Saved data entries
○ ○ ○ ○ ○ ○ ○
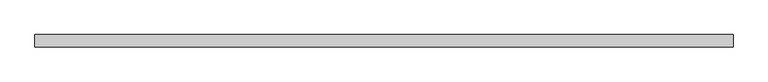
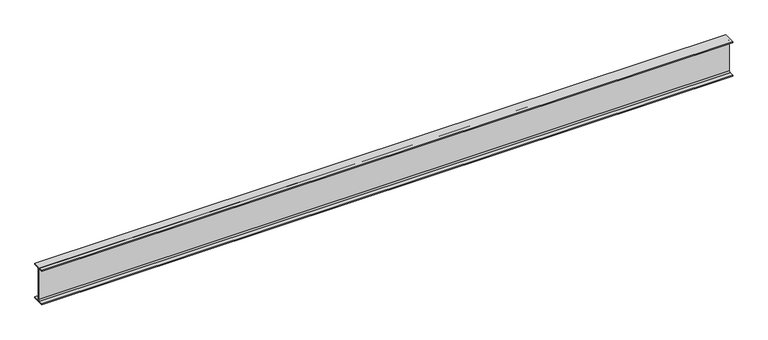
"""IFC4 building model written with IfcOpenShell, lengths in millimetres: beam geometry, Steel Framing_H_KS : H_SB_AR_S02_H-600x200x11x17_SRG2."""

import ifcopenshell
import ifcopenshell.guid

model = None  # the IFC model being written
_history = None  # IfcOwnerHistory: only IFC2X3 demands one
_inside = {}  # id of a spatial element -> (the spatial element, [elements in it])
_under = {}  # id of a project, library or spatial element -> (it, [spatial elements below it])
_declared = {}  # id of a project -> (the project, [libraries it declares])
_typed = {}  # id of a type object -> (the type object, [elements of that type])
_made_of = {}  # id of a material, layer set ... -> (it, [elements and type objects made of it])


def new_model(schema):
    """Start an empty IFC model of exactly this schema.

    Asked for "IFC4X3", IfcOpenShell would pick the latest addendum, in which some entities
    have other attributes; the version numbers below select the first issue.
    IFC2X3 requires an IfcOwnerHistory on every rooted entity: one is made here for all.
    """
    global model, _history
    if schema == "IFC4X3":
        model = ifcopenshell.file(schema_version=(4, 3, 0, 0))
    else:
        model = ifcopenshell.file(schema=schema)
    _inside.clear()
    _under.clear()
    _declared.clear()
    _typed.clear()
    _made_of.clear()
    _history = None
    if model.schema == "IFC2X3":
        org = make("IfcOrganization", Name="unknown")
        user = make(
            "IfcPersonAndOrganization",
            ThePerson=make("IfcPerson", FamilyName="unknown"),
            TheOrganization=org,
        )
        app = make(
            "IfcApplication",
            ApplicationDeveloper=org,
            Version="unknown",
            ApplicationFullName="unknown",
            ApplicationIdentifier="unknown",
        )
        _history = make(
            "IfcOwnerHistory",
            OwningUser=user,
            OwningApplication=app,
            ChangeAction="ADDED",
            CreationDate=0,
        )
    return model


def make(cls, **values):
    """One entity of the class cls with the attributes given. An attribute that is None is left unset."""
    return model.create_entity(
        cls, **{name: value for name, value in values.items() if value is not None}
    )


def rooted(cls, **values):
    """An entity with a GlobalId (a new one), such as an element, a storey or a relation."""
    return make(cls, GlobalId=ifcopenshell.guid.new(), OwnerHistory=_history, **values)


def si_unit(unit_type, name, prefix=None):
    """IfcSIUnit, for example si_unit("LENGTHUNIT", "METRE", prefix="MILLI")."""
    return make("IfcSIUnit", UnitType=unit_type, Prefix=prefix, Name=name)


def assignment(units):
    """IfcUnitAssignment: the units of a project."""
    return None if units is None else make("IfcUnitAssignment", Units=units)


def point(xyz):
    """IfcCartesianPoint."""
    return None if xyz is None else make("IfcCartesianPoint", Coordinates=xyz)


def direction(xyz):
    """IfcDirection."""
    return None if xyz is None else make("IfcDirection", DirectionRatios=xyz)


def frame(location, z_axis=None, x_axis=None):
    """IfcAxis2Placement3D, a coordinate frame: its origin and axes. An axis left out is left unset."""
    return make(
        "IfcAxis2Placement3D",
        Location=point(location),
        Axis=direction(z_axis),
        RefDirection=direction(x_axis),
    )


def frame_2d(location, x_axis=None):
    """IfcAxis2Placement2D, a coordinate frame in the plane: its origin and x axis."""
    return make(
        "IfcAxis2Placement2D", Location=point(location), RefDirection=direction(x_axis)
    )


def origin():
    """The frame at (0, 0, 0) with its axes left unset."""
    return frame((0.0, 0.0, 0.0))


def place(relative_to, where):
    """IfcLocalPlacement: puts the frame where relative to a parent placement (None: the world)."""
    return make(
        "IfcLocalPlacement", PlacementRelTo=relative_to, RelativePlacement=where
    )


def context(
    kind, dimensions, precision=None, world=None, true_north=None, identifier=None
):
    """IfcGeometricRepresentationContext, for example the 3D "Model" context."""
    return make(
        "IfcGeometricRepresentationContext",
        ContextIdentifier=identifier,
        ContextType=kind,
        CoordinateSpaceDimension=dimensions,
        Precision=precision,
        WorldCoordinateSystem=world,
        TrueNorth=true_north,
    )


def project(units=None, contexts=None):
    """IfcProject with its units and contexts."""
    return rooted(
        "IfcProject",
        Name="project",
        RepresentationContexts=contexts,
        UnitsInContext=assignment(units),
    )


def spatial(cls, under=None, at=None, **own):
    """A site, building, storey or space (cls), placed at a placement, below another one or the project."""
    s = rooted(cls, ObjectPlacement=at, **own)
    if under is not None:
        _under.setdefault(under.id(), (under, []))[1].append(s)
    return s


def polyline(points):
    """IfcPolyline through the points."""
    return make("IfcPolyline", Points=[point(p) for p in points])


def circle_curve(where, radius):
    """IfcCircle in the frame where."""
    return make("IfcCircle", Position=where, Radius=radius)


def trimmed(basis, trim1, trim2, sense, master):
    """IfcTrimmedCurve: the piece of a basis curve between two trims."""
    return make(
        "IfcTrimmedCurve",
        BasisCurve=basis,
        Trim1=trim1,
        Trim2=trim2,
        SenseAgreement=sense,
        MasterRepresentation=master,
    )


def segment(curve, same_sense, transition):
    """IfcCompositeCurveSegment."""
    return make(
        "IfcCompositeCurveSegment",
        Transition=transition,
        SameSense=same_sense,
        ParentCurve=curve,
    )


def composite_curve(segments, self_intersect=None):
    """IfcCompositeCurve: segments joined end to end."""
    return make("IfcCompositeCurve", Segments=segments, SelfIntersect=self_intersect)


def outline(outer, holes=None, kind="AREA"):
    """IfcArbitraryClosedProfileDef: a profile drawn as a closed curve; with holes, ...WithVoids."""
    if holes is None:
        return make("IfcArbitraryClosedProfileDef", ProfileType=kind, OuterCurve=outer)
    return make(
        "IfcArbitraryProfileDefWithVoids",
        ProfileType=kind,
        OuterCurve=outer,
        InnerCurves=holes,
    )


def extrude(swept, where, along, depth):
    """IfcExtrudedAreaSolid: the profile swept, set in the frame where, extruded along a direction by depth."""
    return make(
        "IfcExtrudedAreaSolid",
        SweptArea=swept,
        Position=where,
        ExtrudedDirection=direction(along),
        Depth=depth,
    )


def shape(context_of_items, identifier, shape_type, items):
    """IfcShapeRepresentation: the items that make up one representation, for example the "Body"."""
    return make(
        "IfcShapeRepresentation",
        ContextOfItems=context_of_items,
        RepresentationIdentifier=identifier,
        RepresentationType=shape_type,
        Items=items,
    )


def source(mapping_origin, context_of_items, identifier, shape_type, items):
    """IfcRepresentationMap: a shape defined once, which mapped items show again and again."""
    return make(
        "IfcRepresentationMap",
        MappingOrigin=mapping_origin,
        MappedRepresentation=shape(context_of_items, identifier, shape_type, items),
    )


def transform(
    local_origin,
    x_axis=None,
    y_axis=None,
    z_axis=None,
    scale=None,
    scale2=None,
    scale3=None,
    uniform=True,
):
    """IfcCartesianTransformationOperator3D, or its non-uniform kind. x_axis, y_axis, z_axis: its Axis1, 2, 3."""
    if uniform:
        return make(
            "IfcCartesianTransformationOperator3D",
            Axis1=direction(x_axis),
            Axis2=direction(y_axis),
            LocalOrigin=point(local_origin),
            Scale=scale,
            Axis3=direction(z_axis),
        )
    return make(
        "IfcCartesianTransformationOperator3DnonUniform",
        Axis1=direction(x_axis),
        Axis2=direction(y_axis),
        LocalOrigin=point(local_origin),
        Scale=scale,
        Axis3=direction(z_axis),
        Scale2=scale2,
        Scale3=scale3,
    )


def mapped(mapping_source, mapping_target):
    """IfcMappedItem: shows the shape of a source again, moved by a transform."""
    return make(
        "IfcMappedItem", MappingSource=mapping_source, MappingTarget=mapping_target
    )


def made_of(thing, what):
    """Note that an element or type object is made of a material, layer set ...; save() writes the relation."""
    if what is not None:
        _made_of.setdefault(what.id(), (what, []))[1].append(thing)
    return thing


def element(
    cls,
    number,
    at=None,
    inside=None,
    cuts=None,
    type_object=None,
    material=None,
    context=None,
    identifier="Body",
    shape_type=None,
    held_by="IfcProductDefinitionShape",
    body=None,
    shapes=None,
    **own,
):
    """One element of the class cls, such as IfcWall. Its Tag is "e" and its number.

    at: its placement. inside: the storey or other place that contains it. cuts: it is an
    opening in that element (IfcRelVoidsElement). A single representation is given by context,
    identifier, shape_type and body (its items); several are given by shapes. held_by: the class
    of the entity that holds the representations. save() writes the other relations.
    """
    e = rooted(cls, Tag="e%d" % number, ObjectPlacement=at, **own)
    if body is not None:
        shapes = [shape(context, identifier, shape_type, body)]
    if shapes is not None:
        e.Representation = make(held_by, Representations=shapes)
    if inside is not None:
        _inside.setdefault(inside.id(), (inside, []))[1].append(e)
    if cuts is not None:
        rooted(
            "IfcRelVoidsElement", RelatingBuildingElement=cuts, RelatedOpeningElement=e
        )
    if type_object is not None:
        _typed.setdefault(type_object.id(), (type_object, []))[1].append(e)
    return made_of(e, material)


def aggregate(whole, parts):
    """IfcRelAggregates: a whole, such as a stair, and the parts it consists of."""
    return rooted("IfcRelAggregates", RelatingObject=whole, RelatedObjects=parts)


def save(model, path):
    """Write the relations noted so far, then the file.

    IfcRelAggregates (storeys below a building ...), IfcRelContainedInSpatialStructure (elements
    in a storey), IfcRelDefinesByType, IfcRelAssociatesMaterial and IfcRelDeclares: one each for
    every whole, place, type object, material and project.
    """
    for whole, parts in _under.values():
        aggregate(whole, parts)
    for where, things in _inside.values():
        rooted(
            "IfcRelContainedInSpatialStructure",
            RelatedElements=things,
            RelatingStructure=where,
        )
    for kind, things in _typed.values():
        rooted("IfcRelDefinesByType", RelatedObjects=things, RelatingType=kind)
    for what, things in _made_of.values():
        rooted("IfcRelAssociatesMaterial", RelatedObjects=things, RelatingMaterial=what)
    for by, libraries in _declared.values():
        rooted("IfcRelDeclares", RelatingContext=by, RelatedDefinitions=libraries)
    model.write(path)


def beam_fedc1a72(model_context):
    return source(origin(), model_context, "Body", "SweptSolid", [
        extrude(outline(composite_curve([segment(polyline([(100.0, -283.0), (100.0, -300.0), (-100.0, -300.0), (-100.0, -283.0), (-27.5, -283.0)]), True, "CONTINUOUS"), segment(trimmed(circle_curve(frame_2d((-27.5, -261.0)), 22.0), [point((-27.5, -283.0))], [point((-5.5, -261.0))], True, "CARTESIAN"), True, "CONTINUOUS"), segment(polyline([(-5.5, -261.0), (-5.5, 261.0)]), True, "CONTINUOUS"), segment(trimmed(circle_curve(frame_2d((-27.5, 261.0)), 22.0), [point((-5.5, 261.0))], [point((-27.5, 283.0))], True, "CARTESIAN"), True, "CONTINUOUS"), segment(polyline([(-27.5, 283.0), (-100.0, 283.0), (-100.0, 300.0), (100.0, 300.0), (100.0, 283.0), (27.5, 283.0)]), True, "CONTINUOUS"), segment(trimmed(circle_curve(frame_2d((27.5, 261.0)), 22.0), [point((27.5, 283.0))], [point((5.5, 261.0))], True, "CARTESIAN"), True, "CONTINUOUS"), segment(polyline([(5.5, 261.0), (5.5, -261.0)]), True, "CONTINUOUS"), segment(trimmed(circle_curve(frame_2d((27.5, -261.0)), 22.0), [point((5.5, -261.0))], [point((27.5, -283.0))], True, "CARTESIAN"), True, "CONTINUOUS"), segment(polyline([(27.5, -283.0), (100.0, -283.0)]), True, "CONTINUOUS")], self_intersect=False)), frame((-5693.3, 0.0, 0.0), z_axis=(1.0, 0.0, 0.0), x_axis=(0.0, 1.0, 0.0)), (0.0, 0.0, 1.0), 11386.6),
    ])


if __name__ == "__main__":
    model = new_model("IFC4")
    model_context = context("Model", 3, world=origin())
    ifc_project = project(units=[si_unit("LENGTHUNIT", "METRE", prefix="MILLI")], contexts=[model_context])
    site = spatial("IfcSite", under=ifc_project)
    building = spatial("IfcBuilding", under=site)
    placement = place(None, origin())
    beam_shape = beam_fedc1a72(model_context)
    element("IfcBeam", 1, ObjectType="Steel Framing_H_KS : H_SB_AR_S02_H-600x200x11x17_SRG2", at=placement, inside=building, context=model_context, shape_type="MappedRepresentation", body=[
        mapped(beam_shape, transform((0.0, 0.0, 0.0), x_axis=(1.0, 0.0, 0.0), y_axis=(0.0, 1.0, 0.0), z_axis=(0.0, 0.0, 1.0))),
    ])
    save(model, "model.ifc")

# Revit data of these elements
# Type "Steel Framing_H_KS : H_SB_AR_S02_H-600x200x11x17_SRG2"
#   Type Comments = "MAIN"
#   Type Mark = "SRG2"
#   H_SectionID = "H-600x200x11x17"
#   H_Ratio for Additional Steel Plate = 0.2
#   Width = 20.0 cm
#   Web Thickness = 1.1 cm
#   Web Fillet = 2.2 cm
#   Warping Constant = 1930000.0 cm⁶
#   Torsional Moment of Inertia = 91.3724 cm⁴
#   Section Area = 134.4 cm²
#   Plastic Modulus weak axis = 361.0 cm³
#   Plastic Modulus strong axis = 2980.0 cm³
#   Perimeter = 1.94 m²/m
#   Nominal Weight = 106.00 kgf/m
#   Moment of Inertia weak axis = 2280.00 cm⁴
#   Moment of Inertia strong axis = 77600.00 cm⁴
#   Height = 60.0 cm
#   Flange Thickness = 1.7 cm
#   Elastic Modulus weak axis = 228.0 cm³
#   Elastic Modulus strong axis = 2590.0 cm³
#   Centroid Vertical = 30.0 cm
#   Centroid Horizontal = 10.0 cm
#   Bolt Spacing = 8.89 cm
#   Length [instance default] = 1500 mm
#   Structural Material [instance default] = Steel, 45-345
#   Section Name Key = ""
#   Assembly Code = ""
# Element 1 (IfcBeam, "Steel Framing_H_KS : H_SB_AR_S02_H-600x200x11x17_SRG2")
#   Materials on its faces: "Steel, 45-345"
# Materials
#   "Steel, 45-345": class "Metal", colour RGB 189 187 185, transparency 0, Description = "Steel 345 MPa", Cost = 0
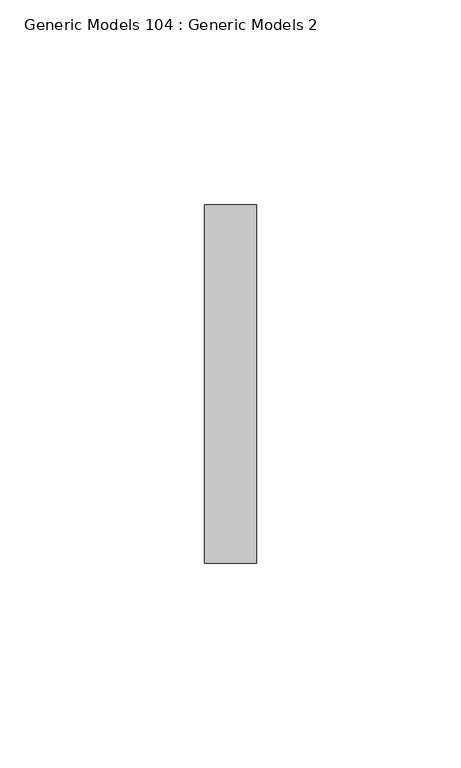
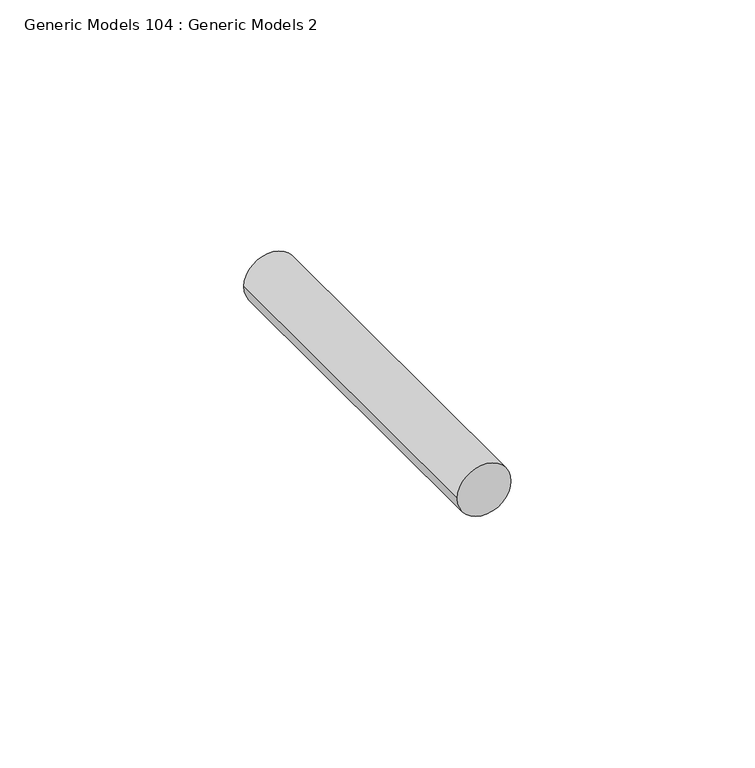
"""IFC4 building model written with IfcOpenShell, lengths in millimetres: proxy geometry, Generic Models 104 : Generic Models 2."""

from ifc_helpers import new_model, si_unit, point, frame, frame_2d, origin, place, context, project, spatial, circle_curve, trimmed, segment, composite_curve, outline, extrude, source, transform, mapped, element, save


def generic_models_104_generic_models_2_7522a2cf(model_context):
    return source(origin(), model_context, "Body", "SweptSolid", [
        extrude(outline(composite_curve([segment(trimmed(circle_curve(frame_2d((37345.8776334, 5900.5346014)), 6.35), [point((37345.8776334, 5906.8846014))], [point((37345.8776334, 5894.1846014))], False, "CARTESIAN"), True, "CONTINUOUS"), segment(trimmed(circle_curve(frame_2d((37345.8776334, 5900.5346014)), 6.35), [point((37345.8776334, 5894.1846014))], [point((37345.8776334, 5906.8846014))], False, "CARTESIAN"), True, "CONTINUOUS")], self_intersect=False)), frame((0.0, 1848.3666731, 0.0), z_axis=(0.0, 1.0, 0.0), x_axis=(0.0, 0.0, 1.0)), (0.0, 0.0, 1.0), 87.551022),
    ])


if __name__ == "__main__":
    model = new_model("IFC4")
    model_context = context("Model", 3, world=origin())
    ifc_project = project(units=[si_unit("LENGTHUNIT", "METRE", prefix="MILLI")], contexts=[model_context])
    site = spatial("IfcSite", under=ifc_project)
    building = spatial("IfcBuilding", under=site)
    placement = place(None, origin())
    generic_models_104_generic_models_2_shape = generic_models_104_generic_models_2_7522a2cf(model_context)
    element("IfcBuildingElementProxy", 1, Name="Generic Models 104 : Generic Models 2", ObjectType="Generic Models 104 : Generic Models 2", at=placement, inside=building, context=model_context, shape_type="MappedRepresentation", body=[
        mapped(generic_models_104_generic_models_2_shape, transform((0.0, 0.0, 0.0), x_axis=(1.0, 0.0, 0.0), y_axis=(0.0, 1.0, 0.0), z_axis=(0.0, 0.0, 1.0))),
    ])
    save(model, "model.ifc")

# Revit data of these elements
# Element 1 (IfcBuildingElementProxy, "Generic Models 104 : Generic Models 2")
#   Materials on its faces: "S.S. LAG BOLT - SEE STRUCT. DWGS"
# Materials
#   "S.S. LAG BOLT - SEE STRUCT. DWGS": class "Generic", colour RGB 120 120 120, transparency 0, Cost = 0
○ ○ ○ ○ ○ ○ ○
What to work on
Write out the lines of the entries above exactly, beginning with the first and ending with the line that contains "which some entities". No picture goes in.

Task answer
"""IFC4 building model written with IfcOpenShell, lengths in millimetres: beam geometry, Steel Framing_H_KS : H_SB_AR_S02_H-600x200x11x17_SRG2."""

import ifcopenshell
import ifcopenshell.guid

model = None  # the IFC model being written
_history = None  # IfcOwnerHistory: only IFC2X3 demands one
_inside = {}  # id of a spatial element -> (the spatial element, [elements in it])
_under = {}  # id of a project, library or spatial element -> (it, [spatial elements below it])
_declared = {}  # id of a project -> (the project, [libraries it declares])
_typed = {}  # id of a type object -> (the type object, [elements of that type])
_made_of = {}  # id of a material, layer set ... -> (it, [elements and type objects made of it])


def new_model(schema):
    """Start an empty IFC model of exactly this schema.

    Asked for "IFC4X3", IfcOpenShell would pick the latest addendum, in which some entities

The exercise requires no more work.